Exhibit 4.1
FIRST AMENDMENT TO THE
ECO-STIM ENERGY SOLUTIONS, INC.
2015 STOCK INCENTIVE PLAN
THIS FIRST AMENDMENT (the “First Amendment”) to the Eco-Stim Energy Solutions, Inc. 2015 Stock Incentive Plan, as amended from time to time (the “Plan”), is made by Eco-Stim Energy Solutions, Inc. (the “Company”).
W I T N E S S E T H:
WHEREAS, the Company previously adopted the Plan, under which the Company is authorized to grant equity-based incentive awards to certain employees and other service providers of the Company and its subsidiaries;
WHEREAS, Paragraph XIII of the Plan provides that the Company’s board of directors (the “Board”) may amend the Plan from time to time, except that any amendment to increase the number of shares of common stock of the Company (the “Shares”) that may be issued under the Plan must be approved by the stockholders of the Company; and
WHEREAS, the Board now desires to amend the Plan to increase the number of Shares available for awards under the Plan by 200,000 Shares, subject to approval by the stockholders of the Company.

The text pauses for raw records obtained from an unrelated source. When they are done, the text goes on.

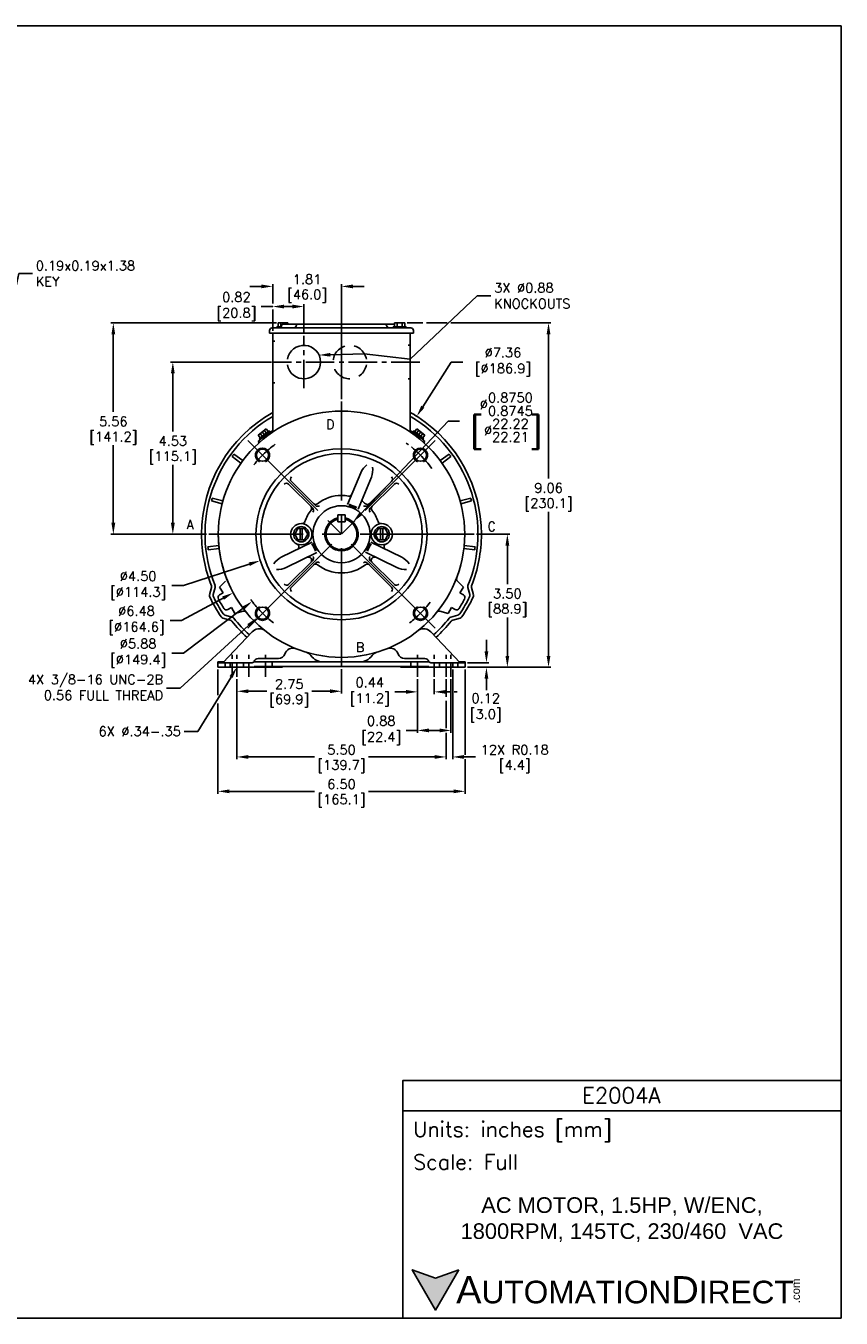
# Model space of a CAD drawing. Extents: x 897.4 to 941.4, y -8.5 to 25.5.
# Tile 2 of 2: x 920 to 941.4, y -8.5 to 25.5. Entities that reach past the tile are written whole.
import ezdxf
from ezdxf import colors
from ezdxf.entities.mleader import LeaderData, LeaderLine
from ezdxf.math import Vec2, Vec3

# ---------------------------------------------------------------- set-up
doc = ezdxf.new("R2010")
doc.units = 0
doc.header["$LTSCALE"] = 4
doc.header["$MEASUREMENT"] = 0
for name, pattern in [('CENTER2', [1.125, 0.75, -0.125, 0.125, -0.125]), ('CENTERLINE', [1.09375, 0.78125, -0.09375, 0.125, -0.09375]), ('HIDDEN2', [0.1875, 0.125, -0.0625])]:
    doc.linetypes.add(name, pattern=pattern)
doc.layers.get('0').update_dxf_attribs({"linetype": 'CONTINUOUS'})
doc.layers.get('DEFPOINTS').update_dxf_attribs({"linetype": 'CONTINUOUS'})
for name, color, linetype in [('CENTER', 40, 'CENTER2'), ('DIMENSIONS', 140, 'CONTINUOUS'), ('DIMENSIONS @ 1', 140, 'CONTINUOUS'), ('HIDDEN', 102, 'HIDDEN2'), ('TEXT', 140, 'CONTINUOUS')]:
    doc.layers.add(name, color=color, linetype=linetype)
doc.styles.add('\\M+2ABAC\\M+2A6A11', font='txt')
doc.styles.add('ROMANS', font='romans.shx')
doc.styles.get("Standard").update_dxf_attribs({"font": 'romans.shx'})
doc.dimstyles.get("Standard").update_dxf_attribs({"dimtxt": 0.25, "dimasz": 0.3, "dimexe": 0.0625, "dimexo": 0.0625, "dimgap": 0.0625, "dimtad": 0, "dimtih": 1, "dimtoh": 1, "dimzin": 0, "dimdsep": 46, "dimtxsty": 'Standard', "dimcen": 0, "dimadec": 0, "dimazin": 0, "dimtfac": 1, "dimtofl": 0, "dimtmove": 0, "dimatfit": 3, "dimfxl": 0, "dimtolj": 1, "dimtzin": 0, "dimarcsym": 0})

# ---------------------------------------------------------------- blocks, each defined once
blk = doc.blocks.new('*D9')
at = {"layer": 'DEFPOINTS', "color": 0}
for p in [(926.618, 17.651), (922.264, 12.091), (924.776, 12.091)]:
    blk.add_point(p, dxfattribs=at)
at = {"layer": 'DIMENSIONS', "color": 0, "lineweight": -2}
for p, q in [((926.555, 17.651), (922.202, 17.651)), ((922.264, 17.351), (922.264, 15.311)), ((922.264, 12.391), (922.264, 14.43)), ((924.713, 12.091), (922.202, 12.091))]:
    blk.add_line(p, q, dxfattribs=at)
at = {"layer": 'DIMENSIONS', "color": 0}
for points in [[(922.214, 17.351), (922.314, 17.351), (922.264, 17.651)], [(922.214, 12.391), (922.314, 12.391), (922.264, 12.091)]]:
    blk.add_solid(points, dxfattribs=at)
at = {"layer": 'DIMENSIONS', "color": 0, "char_height": 0.25, "attachment_point": 5}
for s, insert in [('\\A1;5.56', (922.264, 15.058)), ('\\A1;[141.2]', (922.264, 14.618))]:
    blk.add_mtext(s, dxfattribs=dict(at, insert=insert))
blk = doc.blocks.new('*D10')
at = {"layer": 'DEFPOINTS', "color": 0}
for p in [(926.488, 16.621), (923.829, 12.091), (924.776, 12.091)]:
    blk.add_point(p, dxfattribs=at)
at = {"layer": 'DIMENSIONS', "color": 0, "lineweight": -2}
for p, q in [((926.425, 16.621), (923.766, 16.621)), ((923.829, 16.321), (923.829, 14.796)), ((923.829, 12.391), (923.829, 13.915)), ((924.713, 12.091), (923.766, 12.091))]:
    blk.add_line(p, q, dxfattribs=at)
at = {"layer": 'DIMENSIONS', "color": 0}
for points in [[(923.779, 16.321), (923.879, 16.321), (923.829, 16.621)], [(923.779, 12.391), (923.879, 12.391), (923.829, 12.091)]]:
    blk.add_solid(points, dxfattribs=at)
at = {"layer": 'DIMENSIONS', "color": 0, "char_height": 0.25, "attachment_point": 5}
for s, insert in [('\\A1;4.53', (923.829, 14.543)), ('\\A1;[115.1]', (923.829, 14.103))]:
    blk.add_mtext(s, dxfattribs=dict(at, insert=insert))
blk = doc.blocks.new('*D11')
at = {"layer": 'DEFPOINTS', "color": 0}
for p in [(928.266, 8.601), (925.516, 8.341), (928.266, 7.959)]:
    blk.add_point(p, dxfattribs=at)
at = {"layer": 'DIMENSIONS', "color": 0, "lineweight": -2}
for p, q in [((928.266, 8.538), (928.266, 7.897)), ((925.516, 8.278), (925.516, 7.897)), ((925.816, 7.959), (926.298, 7.959)), ((927.966, 7.959), (927.483, 7.959))]:
    blk.add_line(p, q, dxfattribs=at)
at = {"layer": 'DIMENSIONS', "color": 0}
for points in [[(925.816, 8.009), (925.816, 7.909), (925.516, 7.959)], [(927.966, 8.009), (927.966, 7.909), (928.266, 7.959)]]:
    blk.add_solid(points, dxfattribs=at)
at = {"layer": 'DIMENSIONS', "color": 0, "char_height": 0.25, "attachment_point": 5}
for s, insert in [('\\A1;2.75', (926.891, 8.147)), ('\\A1;[69.9]', (926.891, 7.706))]:
    blk.add_mtext(s, dxfattribs=dict(at, insert=insert))
blk = doc.blocks.new('*D12')
at = {"layer": 'DEFPOINTS', "color": 0}
for p in [(931.117, 13.63), (925.415, 10.551)]:
    blk.add_point(p, dxfattribs=at)
at = {"layer": 'DIMENSIONS', "color": 0, "lineweight": -2}
for p, q in [((924.061, 9.821), (925.151, 10.409)), ((923.761, 9.821), (924.061, 9.821))]:
    blk.add_line(p, q, dxfattribs=at)
blk.add_arc((928.266, 12.091), 3.24, 181.1052, 209.4687, dxfattribs=at)
at = {"layer": 'DIMENSIONS', "color": 0}
blk.add_solid([(925.127, 10.453), (925.174, 10.365), (925.415, 10.551)], dxfattribs=at)
at = {"layer": 'DIMENSIONS', "color": 0, "insert": (922.788, 9.821), "char_height": 0.25, "attachment_point": 5}
blk.add_mtext('\\A1; ∅6.48\\P [∅164.6]', dxfattribs=at)
blk = doc.blocks.new('*D13')
at = {"layer": 'DEFPOINTS', "color": 0}
for p in [(925.516, 8.341), (931.016, 8.341), (931.016, 6.231)]:
    blk.add_point(p, dxfattribs=at)
at = {"layer": 'DIMENSIONS', "color": 0, "lineweight": -2}
for p, q in [((925.516, 8.278), (925.516, 6.169)), ((931.016, 8.278), (931.016, 7.813)), ((931.016, 7.704), (931.016, 7)), ((931.016, 6.869), (931.016, 6.169)), ((925.816, 6.231), (927.554, 6.231)), ((930.716, 6.231), (928.977, 6.231))]:
    blk.add_line(p, q, dxfattribs=at)
at = {"layer": 'DIMENSIONS', "color": 0}
for points in [[(925.816, 6.281), (925.816, 6.181), (925.516, 6.231)], [(930.716, 6.281), (930.716, 6.181), (931.016, 6.231)]]:
    blk.add_solid(points, dxfattribs=at)
at = {"layer": 'DIMENSIONS', "color": 0, "char_height": 0.25, "attachment_point": 5}
for s, insert in [('\\A1;5.50', (928.266, 6.419)), ('\\A1;[139.7]', (928.266, 5.978))]:
    blk.add_mtext(s, dxfattribs=dict(at, insert=insert))
blk = doc.blocks.new('*D14')
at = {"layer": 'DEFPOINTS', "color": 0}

NOW, THEREFORE, BE IT RESOLVED, that,the Plan shall be amended as of June 30, 2016, subject to approval by the Company’s stockholders, as set forth below:
1. The first sentence of Paragraph V(a) of the Plan is hereby deleted and replaced in its entirety with the following:
“Subject to adjustment in the same manner as provided in Paragraph XII with respect to shares of Common Stock subject to Options then outstanding, the aggregate maximum number of shares of Common Stock that may be issued under the Plan, and the aggregate maximum number of shares of Common Stock that may be issued under the Plan through Incentive Stock Options, shall not exceed 1,200,000 shares (which number includes (i) the 500,000 shares of Common Stock originally available for issuance pursuant to the Prior Plan, including shares of Common Stock previously issued pursuant to an Award (or made subject to an Award that has not expired or been terminated) granted under the Prior Plan prior to the Effective Date), (ii) the 500,000 shares of Common Stock made available for issuance under the Plan in connection with the amendment and restatement of the Plan, effective May 14, 2015, and (iii) an additional 200,000 shares of Common Stock first being made available for issuance under the Plan in connection with the First Amendment to the Plan, effective June 30, 2016).”
FURTHER RESOLVED, that except as amended hereby, the Plan shall continue to read in the current state and is specifically ratified and reaffirmed.